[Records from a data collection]

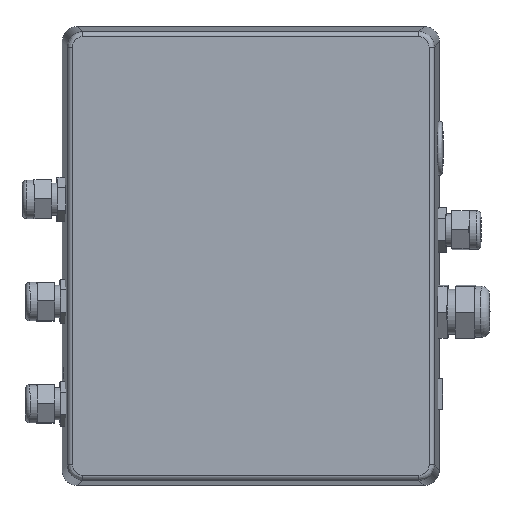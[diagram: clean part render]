
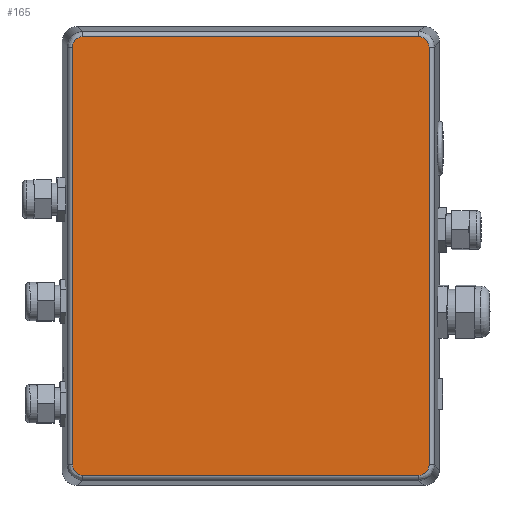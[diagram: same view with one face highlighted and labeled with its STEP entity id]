
A CAD part, front view. The second image highlights one B-rep face of the part: STEP entity #165.
In plain terms, the highlighted planar face has unit normal (0, -1, 0).
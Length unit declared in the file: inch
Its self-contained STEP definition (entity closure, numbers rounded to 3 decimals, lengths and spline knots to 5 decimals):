
#76=CARTESIAN_POINT('',(-3.28169,-9.46272,1.14184));
#77=DIRECTION('',(0.0,1.0,0.0));
#78=DIRECTION('',(0.,0.0,-1.));
#79=AXIS2_PLACEMENT_3D('',#76,#77,#78);
#80=PLANE('',#79);
#81=CARTESIAN_POINT('',(1.08101,-9.46272,6.25445));
#82=VERTEX_POINT('',#81);
#83=CARTESIAN_POINT('',(1.08081,-9.46272,-3.97093));
#84=VERTEX_POINT('',#83);
#85=CARTESIAN_POINT('',(1.08101,-9.46272,6.25445));
#86=DIRECTION('',(0.,0.0,-1.));
#87=VECTOR('',#86,10.22538);
#88=LINE('',#85,#87);
#89=EDGE_CURVE('',#82,#84,#88,.T.);
#90=ORIENTED_EDGE('',*,*,#89,.F.);
#91=CARTESIAN_POINT('',(0.8311,-9.46272,6.50437));
#92=VERTEX_POINT('',#91);
#93=CARTESIAN_POINT('',(1.08101,-9.46272,6.25445));
#94=CARTESIAN_POINT('',(1.08101,-9.46272,6.29184));
#95=CARTESIAN_POINT('',(1.06396,-9.46272,6.36661));
#96=CARTESIAN_POINT('',(0.99226,-9.46272,6.45654));
#97=CARTESIAN_POINT('',(0.9059,-9.46272,6.49811));
#98=CARTESIAN_POINT('',(0.8498,-9.46272,6.50437));
#99=CARTESIAN_POINT('',(0.8311,-9.46272,6.50437));
#100=B_SPLINE_CURVE_WITH_KNOTS('',3,(#93,#94,#95,#96,#97,#98,#99),.UNSPECIFIED.,.F.,.U.,(4,1,1,1,4),(0.0,0.28571,0.57143,0.85714,1.0),.UNSPECIFIED.);
#101=EDGE_CURVE('',#82,#92,#100,.T.);
#102=ORIENTED_EDGE('',*,*,#101,.T.);
#103=CARTESIAN_POINT('',(-7.39428,-9.46272,6.50452));
#104=VERTEX_POINT('',#103);
#105=CARTESIAN_POINT('',(-7.39428,-9.46272,6.50452));
#106=DIRECTION('',(1.,0.0,0.));
#107=VECTOR('',#106,8.22538);
#108=LINE('',#105,#107);
#109=EDGE_CURVE('',#104,#92,#108,.T.);
#110=ORIENTED_EDGE('',*,*,#109,.F.);
#111=CARTESIAN_POINT('',(-7.6442,-9.46272,6.25461));
#112=VERTEX_POINT('',#111);
#113=CARTESIAN_POINT('',(-7.39428,-9.46272,6.50452));
#114=CARTESIAN_POINT('',(-7.43168,-9.46272,6.50452));
#115=CARTESIAN_POINT('',(-7.50645,-9.46272,6.48748));
#116=CARTESIAN_POINT('',(-7.58136,-9.46272,6.42771));
#117=CARTESIAN_POINT('',(-7.62135,-9.46272,6.36397));
#118=CARTESIAN_POINT('',(-7.64,-9.46272,6.31071));
#119=CARTESIAN_POINT('',(-7.6442,-9.46272,6.27331));
#120=CARTESIAN_POINT('',(-7.6442,-9.46272,6.25461));
#121=B_SPLINE_CURVE_WITH_KNOTS('',3,(#113,#114,#115,#116,#117,#118,#119,#120),.UNSPECIFIED.,.F.,.U.,(4,1,1,1,1,4),(0.0,0.28571,0.57143,0.71429,0.85714,1.0),.UNSPECIFIED.);
#122=EDGE_CURVE('',#104,#112,#121,.T.);
#123=ORIENTED_EDGE('',*,*,#122,.T.);
#124=CARTESIAN_POINT('',(-7.6444,-9.46272,-3.97077));
#125=VERTEX_POINT('',#124);
#126=CARTESIAN_POINT('',(-7.6444,-9.46272,-3.97077));
#127=DIRECTION('',(0.,0.0,1.));
#128=VECTOR('',#127,10.22538);
#129=LINE('',#126,#128);
#130=EDGE_CURVE('',#125,#112,#129,.T.);
#131=ORIENTED_EDGE('',*,*,#130,.F.);
#132=CARTESIAN_POINT('',(-7.39449,-9.46272,-4.22069));
#133=VERTEX_POINT('',#132);
#134=CARTESIAN_POINT('',(-7.6444,-9.46272,-3.97077));
#135=CARTESIAN_POINT('',(-7.6444,-9.46272,-4.00816));
#136=CARTESIAN_POINT('',(-7.62735,-9.46272,-4.08293));
#137=CARTESIAN_POINT('',(-7.55564,-9.46272,-4.17286));
#138=CARTESIAN_POINT('',(-7.46929,-9.46272,-4.21443));
#139=CARTESIAN_POINT('',(-7.41318,-9.46272,-4.22069));
#140=CARTESIAN_POINT('',(-7.39449,-9.46272,-4.22069));
#141=B_SPLINE_CURVE_WITH_KNOTS('',3,(#134,#135,#136,#137,#138,#139,#140),.UNSPECIFIED.,.F.,.U.,(4,1,1,1,4),(0.0,0.28571,0.57143,0.85714,1.0),.UNSPECIFIED.);
#142=EDGE_CURVE('',#125,#133,#141,.T.);
#143=ORIENTED_EDGE('',*,*,#142,.T.);
#144=CARTESIAN_POINT('',(0.8309,-9.46272,-4.22084));
#145=VERTEX_POINT('',#144);
#146=CARTESIAN_POINT('',(0.8309,-9.46272,-4.22084));
#147=DIRECTION('',(-1.,0.0,0.));
#148=VECTOR('',#147,8.22538);
#149=LINE('',#146,#148);
#150=EDGE_CURVE('',#145,#133,#149,.T.);
#151=ORIENTED_EDGE('',*,*,#150,.F.);
#152=CARTESIAN_POINT('',(0.8309,-9.46272,-4.22084));
#153=CARTESIAN_POINT('',(0.86829,-9.46272,-4.22085));
#154=CARTESIAN_POINT('',(0.94307,-9.46272,-4.2038));
#155=CARTESIAN_POINT('',(1.01798,-9.46272,-4.14403));
#156=CARTESIAN_POINT('',(1.05796,-9.46272,-4.08029));
#157=CARTESIAN_POINT('',(1.07662,-9.46272,-4.02703));
#158=CARTESIAN_POINT('',(1.08081,-9.46272,-3.98963));
#159=CARTESIAN_POINT('',(1.08081,-9.46272,-3.97093));
#160=B_SPLINE_CURVE_WITH_KNOTS('',3,(#152,#153,#154,#155,#156,#157,#158,#159),.UNSPECIFIED.,.F.,.U.,(4,1,1,1,1,4),(0.0,0.28571,0.57143,0.71429,0.85714,1.0),.UNSPECIFIED.);
#161=EDGE_CURVE('',#145,#84,#160,.T.);
#162=ORIENTED_EDGE('',*,*,#161,.T.);
#163=EDGE_LOOP('',(#90,#102,#110,#123,#131,#143,#151,#162));
#164=FACE_OUTER_BOUND('',#163,.T.);
#165=ADVANCED_FACE('',(#164),#80,.F.);

(Instructions to follow)
Transcribe all of the lines above exactly as given. The pictures stay out.

(Output of the task)
[diagram: clean part render]
[diagram: same view with one face highlighted and labeled with its STEP entity id]
A CAD part, front view. The second image highlights one B-rep face of the part: STEP entity #165.
In plain terms, the highlighted planar face has unit normal (0, -1, 0).
Length unit declared in the file: inch
Its self-contained STEP definition (entity closure, numbers rounded to 3 decimals, lengths and spline knots to 5 decimals):
#76=CARTESIAN_POINT('',(-3.28169,-9.46272,1.14184));
#77=DIRECTION('',(0.0,1.0,0.0));
#78=DIRECTION('',(0.,0.0,-1.));
#79=AXIS2_PLACEMENT_3D('',#76,#77,#78);
#80=PLANE('',#79);
#81=CARTESIAN_POINT('',(1.08101,-9.46272,6.25445));
#82=VERTEX_POINT('',#81);
#83=CARTESIAN_POINT('',(1.08081,-9.46272,-3.97093));
#84=VERTEX_POINT('',#83);
#85=CARTESIAN_POINT('',(1.08101,-9.46272,6.25445));
#86=DIRECTION('',(0.,0.0,-1.));
#87=VECTOR('',#86,10.22538);
#88=LINE('',#85,#87);
#89=EDGE_CURVE('',#82,#84,#88,.T.);
#90=ORIENTED_EDGE('',*,*,#89,.F.);
#91=CARTESIAN_POINT('',(0.8311,-9.46272,6.50437));
#92=VERTEX_POINT('',#91);
#93=CARTESIAN_POINT('',(1.08101,-9.46272,6.25445));
#94=CARTESIAN_POINT('',(1.08101,-9.46272,6.29184));
#95=CARTESIAN_POINT('',(1.06396,-9.46272,6.36661));
#96=CARTESIAN_POINT('',(0.99226,-9.46272,6.45654));
#97=CARTESIAN_POINT('',(0.9059,-9.46272,6.49811));
#98=CARTESIAN_POINT('',(0.8498,-9.46272,6.50437));
#99=CARTESIAN_POINT('',(0.8311,-9.46272,6.50437));
#100=B_SPLINE_CURVE_WITH_KNOTS('',3,(#93,#94,#95,#96,#97,#98,#99),.UNSPECIFIED.,.F.,.U.,(4,1,1,1,4),(0.0,0.28571,0.57143,0.85714,1.0),.UNSPECIFIED.);
#101=EDGE_CURVE('',#82,#92,#100,.T.);
#102=ORIENTED_EDGE('',*,*,#101,.T.);
#103=CARTESIAN_POINT('',(-7.39428,-9.46272,6.50452));
#104=VERTEX_POINT('',#103);
#105=CARTESIAN_POINT('',(-7.39428,-9.46272,6.50452));
#106=DIRECTION('',(1.,0.0,0.));
#107=VECTOR('',#106,8.22538);
#108=LINE('',#105,#107);
#109=EDGE_CURVE('',#104,#92,#108,.T.);
#110=ORIENTED_EDGE('',*,*,#109,.F.);
#111=CARTESIAN_POINT('',(-7.6442,-9.46272,6.25461));
#112=VERTEX_POINT('',#111);
#113=CARTESIAN_POINT('',(-7.39428,-9.46272,6.50452));
#114=CARTESIAN_POINT('',(-7.43168,-9.46272,6.50452));
#115=CARTESIAN_POINT('',(-7.50645,-9.46272,6.48748));
#116=CARTESIAN_POINT('',(-7.58136,-9.46272,6.42771));
#117=CARTESIAN_POINT('',(-7.62135,-9.46272,6.36397));
#118=CARTESIAN_POINT('',(-7.64,-9.46272,6.31071));
#119=CARTESIAN_POINT('',(-7.6442,-9.46272,6.27331));
#120=CARTESIAN_POINT('',(-7.6442,-9.46272,6.25461));
#121=B_SPLINE_CURVE_WITH_KNOTS('',3,(#113,#114,#115,#116,#117,#118,#119,#120),.UNSPECIFIED.,.F.,.U.,(4,1,1,1,1,4),(0.0,0.28571,0.57143,0.71429,0.85714,1.0),.UNSPECIFIED.);
#122=EDGE_CURVE('',#104,#112,#121,.T.);
#123=ORIENTED_EDGE('',*,*,#122,.T.);
#124=CARTESIAN_POINT('',(-7.6444,-9.46272,-3.97077));
#125=VERTEX_POINT('',#124);
#126=CARTESIAN_POINT('',(-7.6444,-9.46272,-3.97077));
#127=DIRECTION('',(0.,0.0,1.));
#128=VECTOR('',#127,10.22538);
#129=LINE('',#126,#128);
#130=EDGE_CURVE('',#125,#112,#129,.T.);
#131=ORIENTED_EDGE('',*,*,#130,.F.);
#132=CARTESIAN_POINT('',(-7.39449,-9.46272,-4.22069));
#133=VERTEX_POINT('',#132);
#134=CARTESIAN_POINT('',(-7.6444,-9.46272,-3.97077));
#135=CARTESIAN_POINT('',(-7.6444,-9.46272,-4.00816));
#136=CARTESIAN_POINT('',(-7.62735,-9.46272,-4.08293));
#137=CARTESIAN_POINT('',(-7.55564,-9.46272,-4.17286));
#138=CARTESIAN_POINT('',(-7.46929,-9.46272,-4.21443));
#139=CARTESIAN_POINT('',(-7.41318,-9.46272,-4.22069));
#140=CARTESIAN_POINT('',(-7.39449,-9.46272,-4.22069));
#141=B_SPLINE_CURVE_WITH_KNOTS('',3,(#134,#135,#136,#137,#138,#139,#140),.UNSPECIFIED.,.F.,.U.,(4,1,1,1,4),(0.0,0.28571,0.57143,0.85714,1.0),.UNSPECIFIED.);
#142=EDGE_CURVE('',#125,#133,#141,.T.);
#143=ORIENTED_EDGE('',*,*,#142,.T.);
#144=CARTESIAN_POINT('',(0.8309,-9.46272,-4.22084));
#145=VERTEX_POINT('',#144);
#146=CARTESIAN_POINT('',(0.8309,-9.46272,-4.22084));
#147=DIRECTION('',(-1.,0.0,0.));
#148=VECTOR('',#147,8.22538);
#149=LINE('',#146,#148);
#150=EDGE_CURVE('',#145,#133,#149,.T.);
#151=ORIENTED_EDGE('',*,*,#150,.F.);
#152=CARTESIAN_POINT('',(0.8309,-9.46272,-4.22084));
#153=CARTESIAN_POINT('',(0.86829,-9.46272,-4.22085));
#154=CARTESIAN_POINT('',(0.94307,-9.46272,-4.2038));
#155=CARTESIAN_POINT('',(1.01798,-9.46272,-4.14403));
#156=CARTESIAN_POINT('',(1.05796,-9.46272,-4.08029));
#157=CARTESIAN_POINT('',(1.07662,-9.46272,-4.02703));
#158=CARTESIAN_POINT('',(1.08081,-9.46272,-3.98963));
#159=CARTESIAN_POINT('',(1.08081,-9.46272,-3.97093));
#160=B_SPLINE_CURVE_WITH_KNOTS('',3,(#152,#153,#154,#155,#156,#157,#158,#159),.UNSPECIFIED.,.F.,.U.,(4,1,1,1,1,4),(0.0,0.28571,0.57143,0.71429,0.85714,1.0),.UNSPECIFIED.);
#161=EDGE_CURVE('',#145,#84,#160,.T.);
#162=ORIENTED_EDGE('',*,*,#161,.T.);
#163=EDGE_LOOP('',(#90,#102,#110,#123,#131,#143,#151,#162));
#164=FACE_OUTER_BOUND('',#163,.T.);
#165=ADVANCED_FACE('',(#164),#80,.F.);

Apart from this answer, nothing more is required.